Charity begins at home

By by Tony Laszlo


まずは国内から始めよ

クルド人を虐待したフセイン許すまじとイラクへ自衛隊を派遣した日本なのに…。

The grand pyramid-shaped building that houses the United Nations University (UNU) rises up proudly, competing with its neighbors for dominance of the landscape. Ordinarily, a person passing through the two huge pillars that form the building's great entranceway might look lazily up at the U.N. logo above, perhaps thinking about the ideals that it represents. As I write this essay, however, dignitaries, scholars and bureaucrats visiting the building should be directing their eyes straight at the ground in front of them. For if they do not do so, they risk falling over an arm or leg of one of the refugees camped out in the entrance to the building.

Two families of Turkish Kurds have been sitting in front of this Shibuya building around the clock since mid-July, despite record temperatures of up around 40 degrees Celsius. Among them is a two-year-old infant and his five-year-old sister. What do they want? Being refugees in Tokyo, you'd think they would be demanding official permission to settle in Japan. Not so. Ahmet Kazankiran, head of one of the two families, says he now seeks just one thing: relocation by the U.N. High Commissioner for Refugees (UNHCR) from Japan to a place where he and his family can live in safety and with dignity.

Kurds number approximately 25 million people according to some estimates, and they live primarily in a strip of land that runs through Iraq, Iran, Syria and Turkey. The Kurds refer to this area as Kurdistan and have been struggling for many years to form a state by that name. Tensions run high in Turkey where Kurds continue to press for independence and the right to be educated in their own language.

Kazankiran fled Turkey and applied for asylum in Japan in 1996 - the rest of his family arrived afterwards. The Japanese government rejected the family's applications for asylum, and instead it incarcerated them separately over the years, for weeks and months at a time. Kazankiran successfully contested the Japanese decision in court. However, this verdict was overturned following a government appeal.

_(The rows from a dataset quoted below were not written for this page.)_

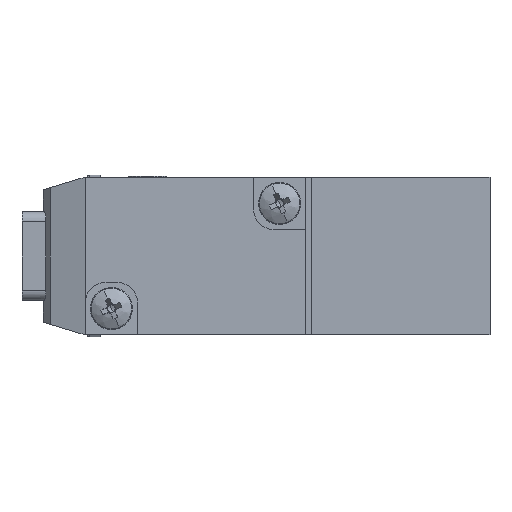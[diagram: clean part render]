
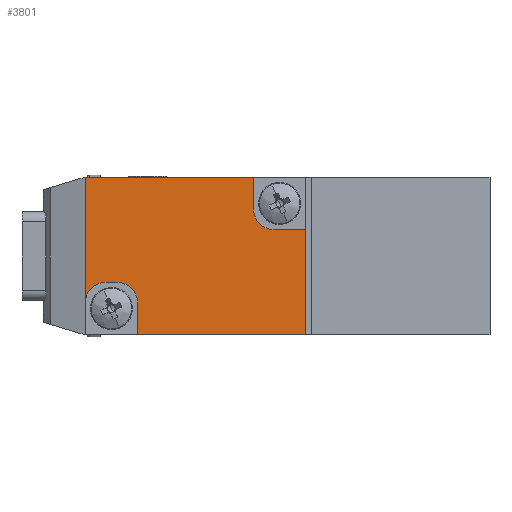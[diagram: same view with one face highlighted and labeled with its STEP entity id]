
A CAD part, left-side view. The second image highlights one B-rep face of the part: STEP entity #3801.
In plain terms, the highlighted planar face has unit normal (-1, 0, 0) as drawn and (1, 0, 0) by its records, which use the part's own axes.
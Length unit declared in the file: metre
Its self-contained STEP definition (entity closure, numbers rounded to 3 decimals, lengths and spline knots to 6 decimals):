
#108 = LINE ( 'NONE', #3281, #2260 ) ;
#123 = ORIENTED_EDGE ( 'NONE', *, *, #6958, .T. ) ;
#150 = EDGE_CURVE ( 'NONE', #575, #3246, #5080, .T. ) ;
#186 = CARTESIAN_POINT ( 'NONE',  ( 0.01825, 0.0035, 0.0045 ) ) ;
#311 = VECTOR ( 'NONE', #1521, 1. ) ;
#321 = CARTESIAN_POINT ( 'NONE',  ( 0.01825, 0.0085, 0.0045 ) ) ;
#409 = CARTESIAN_POINT ( 'NONE',  ( 0.01825, -0.0095, -0.0045 ) ) ;
#426 = DIRECTION ( 'NONE',  ( 1., 0., 0. ) ) ;
#512 = DIRECTION ( 'NONE',  ( 0., 0., 1. ) ) ;
#575 = VERTEX_POINT ( 'NONE', #7327 ) ;
#617 = VECTOR ( 'NONE', #2496, 1. ) ;
#623 = ORIENTED_EDGE ( 'NONE', *, *, #3924, .F. ) ;
#731 = ORIENTED_EDGE ( 'NONE', *, *, #2706, .F. ) ;
#794 = VERTEX_POINT ( 'NONE', #3023 ) ;
#841 = AXIS2_PLACEMENT_3D ( 'NONE', #409, #426, #512 ) ;
#860 = LINE ( 'NONE', #2481, #617 ) ;
#1073 = VERTEX_POINT ( 'NONE', #8489 ) ;
#1148 = ORIENTED_EDGE ( 'NONE', *, *, #2208, .F. ) ;
#1228 = LINE ( 'NONE', #2232, #5071 ) ;
#1463 = CARTESIAN_POINT ( 'NONE',  ( 0.01825, 0.0065, 0.0045 ) ) ;
#1472 = DIRECTION ( 'NONE',  ( 0., 0., 1. ) ) ;
#1521 = DIRECTION ( 'NONE',  ( 0., -1., 0. ) ) ;
#1717 = VERTEX_POINT ( 'NONE', #186 ) ;
#1719 = CARTESIAN_POINT ( 'NONE',  ( 0.01825, 0.0035, 0.0075 ) ) ;
#1750 = DIRECTION ( 'NONE',  ( 1., 0., 0. ) ) ;
#1836 = DIRECTION ( 'NONE',  ( 0., -1., 0. ) ) ;
#1907 = EDGE_CURVE ( 'NONE', #3166, #575, #8299, .T. ) ;
#2115 = CARTESIAN_POINT ( 'NONE',  ( 0.01825, -0.002, 0.0075 ) ) ;
#2117 = CARTESIAN_POINT ( 'NONE',  ( 0.01825, -0.0125, -0.0025 ) ) ;
#2208 = EDGE_CURVE ( 'NONE', #4987, #4118, #2328, .T. ) ;
#2232 = CARTESIAN_POINT ( 'NONE',  ( 0.01825, -0.0075, -0.006 ) ) ;
#2260 = VECTOR ( 'NONE', #3205, 1. ) ;
#2328 = LINE ( 'NONE', #5661, #6075 ) ;
#2481 = CARTESIAN_POINT ( 'NONE',  ( 0.01825, -0.011, -0.0025 ) ) ;
#2496 = DIRECTION ( 'NONE',  ( 0., 1., 0. ) ) ;
#2706 = EDGE_CURVE ( 'NONE', #5257, #4987, #4581, .T. ) ;
#2866 = VECTOR ( 'NONE', #8171, 1. ) ;
#3023 = CARTESIAN_POINT ( 'NONE',  ( 0.01825, -0.0075, -0.0075 ) ) ;
#3166 = VERTEX_POINT ( 'NONE', #1719 ) ;
#3205 = DIRECTION ( 'NONE',  ( 0., 1., 0. ) ) ;
#3246 = VERTEX_POINT ( 'NONE', #2117 ) ;
#3281 = CARTESIAN_POINT ( 'NONE',  ( 0.01825, -0.002, 0.0025 ) ) ;
#3458 = LINE ( 'NONE', #4139, #7453 ) ;
#3620 = DIRECTION ( 'NONE',  ( 1., 0., 0. ) ) ;
#3703 = AXIS2_PLACEMENT_3D ( 'NONE', #8407, #8571, #8632 ) ;
#3731 = LINE ( 'NONE', #8785, #9326 ) ;
#3779 = AXIS2_PLACEMENT_3D ( 'NONE', #8152, #3620, #8941 ) ;
#3801 = ADVANCED_FACE ( 'NONE', ( #8373 ), #8534, .F. ) ;
#3924 = EDGE_CURVE ( 'NONE', #4365, #1073, #5574, .T. ) ;
#4118 = VERTEX_POINT ( 'NONE', #7387 ) ;
#4139 = CARTESIAN_POINT ( 'NONE',  ( 0.01825, -0.002, -0.0075 ) ) ;
#4365 = VERTEX_POINT ( 'NONE', #8700 ) ;
#4443 = AXIS2_PLACEMENT_3D ( 'NONE', #1463, #1750, #1472 ) ;
#4581 = CIRCLE ( 'NONE', #4443, 0.002 ) ;
#4639 = ORIENTED_EDGE ( 'NONE', *, *, #8412, .T. ) ;
#4730 = ORIENTED_EDGE ( 'NONE', *, *, #8921, .F. ) ;
#4987 = VERTEX_POINT ( 'NONE', #321 ) ;
#5071 = VECTOR ( 'NONE', #7525, 1. ) ;
#5074 = EDGE_CURVE ( 'NONE', #1717, #6190, #6613, .T. ) ;
#5080 = LINE ( 'NONE', #8207, #2866 ) ;
#5257 = VERTEX_POINT ( 'NONE', #8347 ) ;
#5261 = DIRECTION ( 'NONE',  ( 0., 0., -1. ) ) ;
#5574 = CIRCLE ( 'NONE', #841, 0.002 ) ;
#5661 = CARTESIAN_POINT ( 'NONE',  ( 0.01825, 0.0085, 0. ) ) ;
#5671 = ORIENTED_EDGE ( 'NONE', *, *, #150, .T. ) ;
#5897 = ORIENTED_EDGE ( 'NONE', *, *, #6338, .F. ) ;
#6075 = VECTOR ( 'NONE', #5261, 1. ) ;
#6190 = VERTEX_POINT ( 'NONE', #6812 ) ;
#6338 = EDGE_CURVE ( 'NONE', #3166, #1717, #3731, .T. ) ;
#6613 = CIRCLE ( 'NONE', #3779, 0.002 ) ;
#6812 = CARTESIAN_POINT ( 'NONE',  ( 0.01825, 0.0055, 0.0025 ) ) ;
#6958 = EDGE_CURVE ( 'NONE', #3246, #1073, #860, .T. ) ;
#6979 = ORIENTED_EDGE ( 'NONE', *, *, #5074, .F. ) ;
#7046 = EDGE_CURVE ( 'NONE', #6190, #5257, #108, .T. ) ;
#7327 = CARTESIAN_POINT ( 'NONE',  ( 0.01825, -0.0125, 0.0075 ) ) ;
#7348 = ORIENTED_EDGE ( 'NONE', *, *, #7046, .F. ) ;
#7387 = CARTESIAN_POINT ( 'NONE',  ( 0.01825, 0.0085, -0.0075 ) ) ;
#7453 = VECTOR ( 'NONE', #1836, 1. ) ;
#7525 = DIRECTION ( 'NONE',  ( 0., 0., -1. ) ) ;
#8115 = EDGE_LOOP ( 'NONE', ( #123, #623, #4639, #4730, #1148, #731, #7348, #6979, #5897, #9920, #5671 ) ) ;
#8152 = CARTESIAN_POINT ( 'NONE',  ( 0.01825, 0.0055, 0.0045 ) ) ;
#8171 = DIRECTION ( 'NONE',  ( 0., 0., -1. ) ) ;
#8207 = CARTESIAN_POINT ( 'NONE',  ( 0.01825, -0.0125, 0. ) ) ;
#8299 = LINE ( 'NONE', #2115, #311 ) ;
#8347 = CARTESIAN_POINT ( 'NONE',  ( 0.01825, 0.0065, 0.0025 ) ) ;
#8373 = FACE_OUTER_BOUND ( 'NONE', #8115, .T. ) ;
#8407 = CARTESIAN_POINT ( 'NONE',  ( 0.01825, -0.0125, -0.0075 ) ) ;
#8412 = EDGE_CURVE ( 'NONE', #4365, #794, #1228, .T. ) ;
#8489 = CARTESIAN_POINT ( 'NONE',  ( 0.01825, -0.0095, -0.0025 ) ) ;
#8534 = PLANE ( 'NONE',  #3703 ) ;
#8571 = DIRECTION ( 'NONE',  ( -1., 0., 0. ) ) ;
#8632 = DIRECTION ( 'NONE',  ( 0., 0., 1. ) ) ;
#8700 = CARTESIAN_POINT ( 'NONE',  ( 0.01825, -0.0075, -0.0045 ) ) ;
#8751 = DIRECTION ( 'NONE',  ( 0., 0., -1. ) ) ;
#8785 = CARTESIAN_POINT ( 'NONE',  ( 0.01825, 0.0035, 0. ) ) ;
#8921 = EDGE_CURVE ( 'NONE', #4118, #794, #3458, .T. ) ;
#8941 = DIRECTION ( 'NONE',  ( 0., 0., 1. ) ) ;
#9326 = VECTOR ( 'NONE', #8751, 1. ) ;
#9920 = ORIENTED_EDGE ( 'NONE', *, *, #1907, .T. ) ;

For the last two years, the UNHCR has issued a certificate of support for his claim, stating that Kazankiran has "very strong elements to qualify" under the Refugee Convention. The Japanese government remains unmoved, however. So, with U.N. support and Japanese rejection, overstayed visas, no money, no jobs, no shelter and no place to bathe, the Kazankirans sit in front of Tokyo's UNU in the sweltering heat to present their case in the flesh.

To justify its support of the U.S.-led coalition's invasion and occupation of Iraq, Japan points to the former Iraqi leader Saddam Hussein's human rights abuses such as chemical weapons attacks against the Kurds in that country. How is it that this same Japan chooses to provide asylum to almost no Kurds, and has rejected all of the 200-plus applications from those with Turkish passports? Sending troops halfway around the world to provide human rights relief is one thing. But what about the 12 refugees getting sunstroke in Shibuya? Can they really be unworthy of recognition and assistance?